EUR/USD: ein zunehmend komplexes Gebilde


13.08.12 12:07
UniCredit Research

München (www.aktiencheck.de) - Das letzten Freitag beschriebene Hin und Her über das Vertrauen in die EZB, mit ihrem neuen Maßnahmenkatalog die EWU-Schuldenkrise stemmen zu können, setzte sich bis zum Handelsschluss fort, so die Analysten von UniCredit Research.

Erneut seien die Zweifel vorherrschend gewesen. Dabei lohne es vielleicht, sich einmal grundsätzlich zu hinterfragen, ob die EZB allein überhaupt in der Lage sei, alle anstehenden Probleme zu lösen und ob somit die Anforderungen der Märkte an die Zentralbank bereits vom Ansatz her völlig daneben seien. Andererseits könne man den Märkten ihre Bausch-und-Bogen-Betrachtung nicht verdenken, da sie mit allem, was in den letzten Monaten auf sie eingestürzt und im Zusammenhang mit der Bewältigung der Krise weiterhin zu berücksichtigen sei, völlig überfordert seien. EZB-Aktionen, EU-Gipfelergebnisse, Ausstattung der Rettungsschirme, Fragen zur gesamtschuldnerischen Haftung, kursierende Ängste hinsichtlich eines vollen Bail-Outs für Spanien und dann noch die laufenden Datenveröffentlichungen - das sei schlichtweg zu viel, um alles unter einen Hut zu kriegen und daraus eine Präferenz für Euro-Käufe oder Verkäufe abzuleiten.

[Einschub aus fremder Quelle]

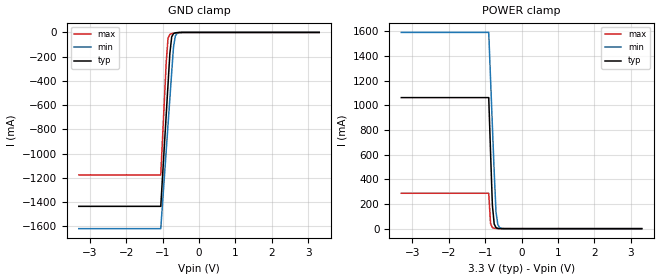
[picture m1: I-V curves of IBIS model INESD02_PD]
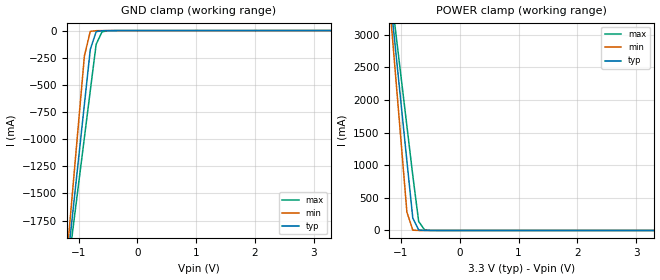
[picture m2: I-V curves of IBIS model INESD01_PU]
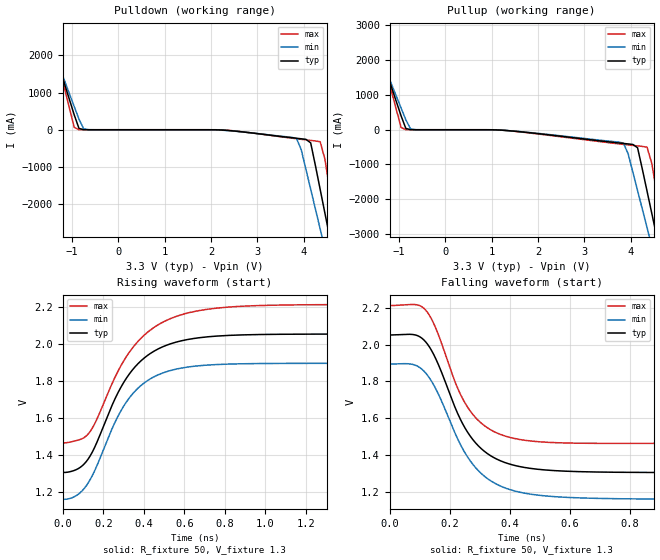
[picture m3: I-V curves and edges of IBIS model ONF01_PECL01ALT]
|   This file is an IBIS representation of the   |
|   Integrated Devices Technology, Inc.   |
|   ICS84330-02   |
|700MHZ, LOW JITTER,CRYSTAL-TO-3.3V DIFFERENTIAL LVPECL FREQUENCY SYNTHESIZER|
[IBIS Ver]   4.1
[File name]   84330_02_3v3.ibs
[File Rev]   1.0
[Date]   31 Dec 2008 | Last modified
|   Apr 20 2005 | Generated
[Source]   Originated at Integrated Devices Technology, Inc.
[Disclaimer]
IDT hereby grants the user of this IBIS model a non-exclusive,
nontransferable license to use this IBIS model under the following terms.
Before using this IBIS model, the user should read this license.
If the user does not accept these terms,  the IBIS model should be
returned to IDT within 30 days.
   The user is granted this license only to use the IBIS model and
is not granted rights to sell, load, rent, lease or license the IBIS
model in whole or in part, or in modified form to anyone other than
user. User may modify the IBIS model to suit its specific
applications but rights to derivative works and such modifications
shall belong to IDT.
   This IBIS model is provided on an "AS IS" basis and IDT makes
absolutely no warranty with respect to the information contained
herein. IDT DISCLAIMS AND CUSTOMER WAIVES ALL WARRANTIES, EXPRESS
OR IMPLIED, INCLUDING WARRANTIES OF MERCHANTABILITY OR FITNESS FOR
A PARTICULAR PURPOSE. The entire risk as to quality and performance
is with the Customer. ACCORDINGLY, IN NO EVENT SHALL THE COMPANY BE
LIABLE FOR ANY DAMAGES, WHETHER IN CONTRACT OR TORT,INCLUDING ANY
LOST PROFITS OR OTHER INCIDENTAL, CONSEQUENTIAL, EXEMPLARY, OR
PUNITIVE DAMAGES ARISING OUT OF THE USE OR APPLICATION OF THE IBIS
model provided in this package. Further, IDT reserves the right to
make changes without notice to any product herein to improve
reliability, function, or design. IDT does not convey any license
under patent rights or any other intellectual property rights,
including those of third parties.
   IDT is not obligated to provide maintenance or support
for the licensed IBIS model.
[Copyright]   Copyright 2005 by Integrated Devices Technology, Inc.
[Component]   ICS84330V-02
[Manufacturer] Integrated Devices Technology, Inc.
[Package]
|PLCC 28 Pin
|   typ   min   max
R_pkg   53.15m   49.2m   57.1m
L_pkg   3.123nH   2.878nH   3.368nH
C_pkg   0.65pF   0.632pF   0.667pF
[Pin] signal_name   model_name   R_pin   L_pin   C_pin
1   VCCA   POWER   49.2m   2.878n   0.632p
2   FREF_EXT   INESD02_PD   51.2m   3.038n   0.643p
3   XTAL_SEL   INESD01_PU   53.8m   3.201n   0.655p
4   XTAL_IN   NC   57.1m   3.368n   0.667p
5   XTAL_OUT   NC   57.1m   3.368n   0.667p
6   OE   INESD01_PU   53.8m   3.201n   0.655p
7   nP_LOAD   INESD01_PU   51.2m   3.038n   0.643p
8   M0   INESD01_PU   49.2m   2.878n   0.632p
9   M1   INESD01_PU   51.2m   3.038n   0.643p
10   M2   INESD01_PU   53.8m   3.201n   0.655p
11   M3   INESD01_PU   57.1m   3.368n   0.667p
12   M4   INESD01_PU   57.1m   3.368n   0.667p
13   M5   INESD01_PU   53.8m   3.201n   0.655p
14   M6   INESD01_PU   51.2m   3.038n   0.643p
15   M7   INESD01_PU   49.2m   2.878n   0.632p
16   M8   INESD01_PU   51.2m   3.038n   0.643p
17   N0   INESD01_PU   53.8m   3.201n   0.655p
18   N1   INESD01_PU   57.1m   3.368n   0.667p
19   VEE   GND   57.1m   3.368n   0.667p
20   TEST   ONF01_PECL01ALT   53.8m   3.201n   0.655p
21   VCC   POWER   51.2m   3.038n   0.643p
22   VEE   GND   49.2m   2.878n   0.632p
23   nFOUT   ONF01_PECL01ALT   51.2m   3.038n   0.643p
24   FOUT   ONF01_PECL01ALT   53.8m   3.201n   0.655p
25   VCC   POWER   57.1m   3.368n   0.667p
26   S_CLOCK   INESD01_PD   57.1m   3.368n   0.667p
27   S_DATA   INESD01_PD   53.8m   3.201n   0.655p
28   S_LOAD   INESD01_PD   51.2m   3.038n   0.643p
[Diff Pin]  inv_pin  vdiff tdelay_typ tdelay_min  tdelay_max
24   23   NA   0  0  0
| Models and submodels in the file (4): INESD02_PD (Input), INESD01_PU (Input), ONF01_PECL01ALT (Output_ECL), INESD01_PD (Input)
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[Model]   INESD02_PD
Model_type   Input
Polarity   Non-Inverting
Vinl = 0.80V
Vinh = 2.0V
|   typ   min   max
C_comp   2pF   1.5pF   2.5pF
|   typ   min   max
[Voltage range]  3.3V   3.15V   3.45V
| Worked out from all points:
|   GND clamp passes 1 mA (typ) near -0.56 V on its own axis
|   POWER clamp passes 1 mA (typ) near -0.61 V on its own axis
[GND_clamp]
|Voltage   I(typ)   I(min)   I(max)
-3.3V     -1.436A    -1.62A     -1.176A
-1.05V    -1.436A    -1.62A     -1.176A
-900mV    -678.5mA   -975.1mA   -244mA
-850mV    -426.1mA   -760.1mA   -46.85mA
-800mV    -173.9mA   -545.4mA   -16.11mA
-750mV    -36.96mA   -330.7mA   -9.916mA
-700mV    -9.696mA   -120.2mA   -7.056mA
-650mV    -3.545mA   -29.7mA    -4.857mA
-600mV    -1.629mA   -7.52mA    -3.049mA
-400mV    -52.81uA   -52.52uA   -108.7uA
3.3V      71.13uA    77.43uA    62.11uA
[POWER_clamp]
|Voltage   I(typ)   I(min)   I(max)
-3.3V     1.063A     1.593A     287.3mA
-900mV    1.063A     1.593A     287.3mA
-850mV    620.5mA    1.215A     41.84mA
-800mV    191.6mA    837.5mA    8.757mA
-750mV    37.76mA    460.2mA    3.328mA
-700mV    8.104mA    133.8mA    1.728mA
-650mV    2.076mA    32.66mA    905.3uA
-600mV    678.1uA    8.083mA    443.8uA
-450mV    104.2uA    213.3uA    89.09uA
3.3V      -3.041nA   -3.986uA   0A
[Model]   INESD01_PU
Model_type   Input
Polarity   Non-Inverting
Vinl = 0.8V
Vinh = 2.0V
|   typ   min   max
C_comp   2pF   1.5pF   2.5pF
|   typ   min   max
[Voltage range]  3.3V   3.15V   3.45V
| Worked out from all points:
|   GND clamp passes 1 mA (typ) near -0.55 V on its own axis
|   POWER clamp passes 1 mA (typ) near -0.61 V on its own axis
[GND_clamp]
|Voltage   I(typ)   I(min)   I(max)
-3.3V     -12.83A    -15.14A    -11.37A
-1.2V     -2.195A    -2.092A    -2.281A
-1.1V     -1.689A    -1.472A    -1.849A
-900mV    -678.5mA   -232.7mA   -984.8mA
-800mV    -174mA     -7.237mA   -553.3mA
-700mV    -9.767mA   -1.114mA   -126.1mA
-600mV    -1.7mA     -240.1uA   -11.15mA
-300mV    -81.66uA   -67.79uA   -163.4uA
3.3V      1.866nA    1.113pA    239.1nA
[POWER_clamp]
|Voltage   I(typ)   I(min)   I(max)
-3.3V     22.38A     26.45A     19.82A
-1.2V     3.723A     3.545A     3.874A
-1.1V     2.836A     2.457A     3.116A
-1V       1.949A     1.369A     2.358A
-900mV    1.063A     281mA      1.601A
-800mV    191.5mA    5.012mA    843.9mA
-700mV    8.032mA    142.2uA    138.3mA
-600mV    607uA      17.63uA    10.62mA
-400mV    16.32uA    7.545uA    335.9uA
3.3V      -71.13uA   -62.11uA   -78.26uA
[Model]   ONF01_PECL01ALT
Model_type  Output_ECL
Polarity   Non-Inverting
Vmeas = 1.636
Rref = 50
Cref = 0
Vref = 1.3
|Variable  typ   min   max
C_comp   2p   1.5p   2.5p
[Voltage Range]   3.3   3.135   3.465
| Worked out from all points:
|   rising waveform, R_fixture 50, V_fixture 1.3: 20-80 % time 218ps typ, 206ps min, 242ps max; typ from 1.31 V to 2.05 V
|   falling waveform, R_fixture 50, V_fixture 1.3: 20-80 % time 134ps typ, 143ps min, 120ps max; typ from 2.05 V to 1.31 V
| Open source, no load
|  Voltage   I(typ)   I(min)   I(max)
[Pullup]
-3.3V     9.786A     8.45A      12.03A
-1.667V   3.247A     2.997A     3.691A
-1.565V   2.839A     2.657A     3.17A
-952.6mV  398mA      622.1mA    64.71mA
-850.5mV  36.63mA    284.2mA    1.532mA
-646.4mV  229.3uA    1.611mA    19.07uA
3.844V    -394.4mA   -383.6mA   -421.3mA
4.151V    -517.8mA   -1.749A    -465.4mA
4.355V    -1.764A    -2.812A    -500.3mA
4.559V    -3.036A    -3.875A    -1.773A
4.763V    -4.308A    -4.937A    -3.393A
6.6V      -15.79A    -14.52A    -18.03A
[Pulldown]
-3.3V     9.786A     8.45A      12.03A
-1.565V   2.839A     2.657A     3.17A
-1.463V   2.432A     2.317A     2.65A
-952.6mV  398mA      622.1mA    64.71mA
-850.5mV  36.63mA    284.2mA    1.532mA
-646.4mV  229.3uA    1.611mA    19.07uA
3.844V    -229.1mA   -232.1mA   -241.8mA
4.151V    -352.7mA   -1.598A    -286.7mA
4.355V    -1.599A    -2.66A     -322.1mA
4.559V    -2.871A    -3.722A    -1.595A
4.763V    -4.144A    -4.785A    -3.217A
6.6V      -15.69A    -14.41A    -17.97A
[Ramp]
|   typ   min   max
dV/dt_r   0.45V/0.37ns   0.45V/0.405ns   0.45V/0.27ns
dV/dt_f   0.45V/0.37ns   0.45V/0.405ns   0.45V/0.27ns
R_load =   50.0000
[Rising Waveform]
R_fixture = 50
V_fixture = 1.3   | VCC_typ - 2V
V_fixture_max = 1.465   | VCC_max - 2V
V_fixture_min = 1.135   | VCC_min - 2V
C_fixture = 0.0p
| Time   typ   min   max
0s        1.306V     1.161V     1.465V
70ps      1.323V     1.183V     1.479V
128ps     1.383V     1.254V     1.517V
258ps     1.703V     1.577V     1.819V
316ps     1.817V     1.689V     1.934V
398ps     1.919V     1.785V     2.042V
504ps     1.988V     1.846V     2.121V
658ps     2.03V      1.879V     2.175V
875ps     2.047V     1.891V     2.201V
2ns       2.052V     1.894V     2.211V
[Falling Waveform]
R_fixture = 50
V_fixture = 1.3   | VCC_typ - 2V
V_fixture_max = 1.465   | VCC_max - 2V
V_fixture_min = 1.135   | VCC_min - 2V
C_fixture = 0.0p
0s        2.052V     1.894V     2.211V
76ps      2.055V     1.893V     2.217V
118ps     2.018V     1.85V      2.19V
150ps     1.936V     1.772V     2.103V
222ps     1.644V     1.505V     1.782V
264ps     1.514V     1.38V      1.65V
326ps     1.409V     1.274V     1.549V
410ps     1.348V     1.21V      1.493V
708ps     1.309V     1.166V     1.465V
2ns       1.306V     1.161V     1.465V
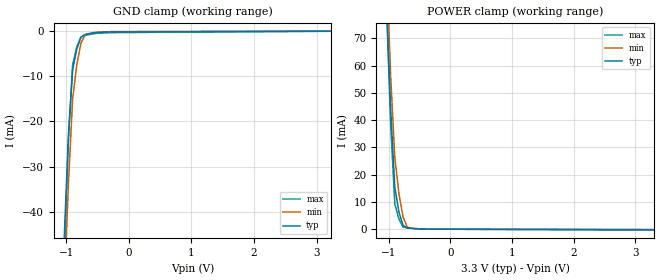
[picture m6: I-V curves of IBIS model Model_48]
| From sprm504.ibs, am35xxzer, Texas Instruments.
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| Model based on original model for IC1833DVTPBFHP18LL_7LM
|   Sub model _7LM_!PI_PUPDSEL_3P3
[model]   Model_48
|[Description]  3.3V-INPUT-PU-X
|[Input Load]   PU
|[Output Drive]
|Voltage   3.3V
|Mode   INPUT
Model_type   Input
Polarity   Non-Inverting
Vinl =  0.8V
Vinh =  2V
C_comp   1.012258p   0.8890016p   1.091755p
[Model Spec]
Vinl   0.8V   0.8V   0.8V
Vinh   2V   2V   2V
[Temperature Range]   25   125   -40
[Voltage Range]   3.3   2.97   3.63
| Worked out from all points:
|   GND clamp passes 1 mA (typ) near -0.73 V on its own axis
|   POWER clamp passes 1 mA (typ) near -0.74 V on its own axis
[POWER_clamp]
-3.3V     2.37A      2.826A     2.542A
-1.033V   82.45mA    94.83mA    80.46mA
-966.7mV  43.63mA    55.94mA    38.29mA
-900mV    15.26mA    26.28mA    9.247mA
-833.3mV  6.359mA    13.02mA    3.717mA
-766.7mV  1.418mA    4.545mA    810uA
-700mV    434uA      841.5uA    527uA
-500mV    113.3uA    72.23uA    139.6uA
3.3V      -177.5uA   -119.9uA   -277.3uA
[GND_clamp]
-3.3V     -1.792A    -1.668A    -2.631A
-1.033V   -45.64mA   -57.79mA   -50.41mA
-966.7mV  -22.95mA   -33.88mA   -24.23mA
-900mV    -8.665mA   -15.12mA   -7.531mA
-833.3mV  -3.992mA   -7.443mA   -3.487mA
-766.7mV  -1.349mA   -2.681mA   -1.294mA
-700mV    -737.2uA   -832.6uA   -950.7uA
-566.7mV  -426.4uA   -322.3uA   -590.6uA
-300mV    -206.6uA   -111.9uA   -344.2uA
3.233V    -3.53uA    8.883uA    -32.96uA

Da Währungspaare gehandelt würden, komme noch die andere Seite der Medaille hinzu. Wenn die Investoren über EUR/USD urteilen würden, bilde die offensichtliche Bereitschaft der FED zur Implementierung von QE3 einen positiven Grundaspekt hinsichtlich des globalen Wachstums und der globalen Risikobereitschaft, die dem Euro helfe und den US-Dollar belaste. Ein wichtiger globaler Faktor sei zudem China. Aber auch hier seien die Märkte hin- und hergerissen. Die gedämpften Verbraucherpreise seien letzte Woche als ideale Vorraussetzung für mehr Spielraum bei geldpolitischen Lockerungsmaßnahmen der PBoC gewertet worden. Andererseits habe China am Freitag recht moderate Handelszahlen mit nur mäßigen Exportzuwächsen veröffentlicht und schon seien die Wachstumsperspektiven Chinas in den Köpfen der Marktteilnehmer wieder radikal geschrumpft.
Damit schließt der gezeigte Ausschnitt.